• EXERCISE DETAILS:
Every entry below should be reproduced exactly; no picture is to be included.

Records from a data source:
BEGIN

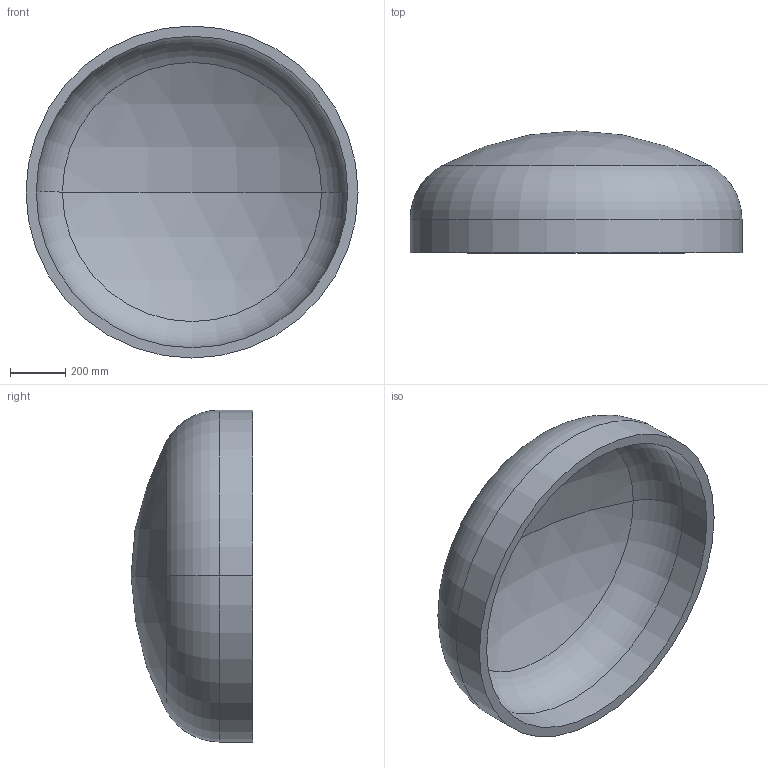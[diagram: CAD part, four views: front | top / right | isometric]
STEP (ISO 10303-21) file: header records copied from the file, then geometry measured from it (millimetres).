
FILE_DESCRIPTION (( 'STEP AP203' ), '1' );
FILE_NAME ('DIN 28013 Korbbogenform_-_Boden DIN 28013 - 1200 x 120 - I - s=37.step', '2016-07-01T09:27:31', ( '' ), ( '' ), 'SwSTEP 2.0', 'SolidWorks 2013', '' );
FILE_SCHEMA (( 'CONFIG_CONTROL_DESIGN' ));
Length unit declared in the file: millimetre
Products named in the file (1): DIN 28013 Korbbogenform_-_Boden DIN 28013 - 1200 x 120 - I - s=37
Bounding box: 1200 x 440.43 x 1200 mm (x, y, z)
Volume: 71903935.3 mm3; surface area: 4024751.3 mm2
Topology: 1 solids, 1 shells, 13 faces, 24 edges, 14 vertices
Faces by surface type: torus 4, cylinder 4, sphere 4, plane 1
Entity records: 407 total; most frequent: DIRECTION 72, CARTESIAN_POINT 52, ORIENTED_EDGE 48, AXIS2_PLACEMENT_3D 34, EDGE_CURVE 24, CIRCLE 20, EDGE_LOOP 14, VERTEX_POINT 14

END

• EXPECTED ANSWER:
[diagram: CAD part, four views: front | top / right | isometric]
STEP (ISO 10303-21) file: header records copied from the file, then geometry measured from it (millimetres).
FILE_DESCRIPTION (( 'STEP AP203' ), '1' );
FILE_NAME ('DIN 28013 Korbbogenform_-_Boden DIN 28013 - 1200 x 120 - I - s=37.step', '2016-07-01T09:27:31', ( '' ), ( '' ), 'SwSTEP 2.0', 'SolidWorks 2013', '' );
FILE_SCHEMA (( 'CONFIG_CONTROL_DESIGN' ));
Length unit declared in the file: millimetre
Products named in the file (1): DIN 28013 Korbbogenform_-_Boden DIN 28013 - 1200 x 120 - I - s=37
Bounding box: 1200 x 440.43 x 1200 mm (x, y, z)
Volume: 71903935.3 mm3; surface area: 4024751.3 mm2
Topology: 1 solids, 1 shells, 13 faces, 24 edges, 14 vertices
Faces by surface type: torus 4, cylinder 4, sphere 4, plane 1
Entity records: 407 total; most frequent: DIRECTION 72, CARTESIAN_POINT 52, ORIENTED_EDGE 48, AXIS2_PLACEMENT_3D 34, EDGE_CURVE 24, CIRCLE 20, EDGE_LOOP 14, VERTEX_POINT 14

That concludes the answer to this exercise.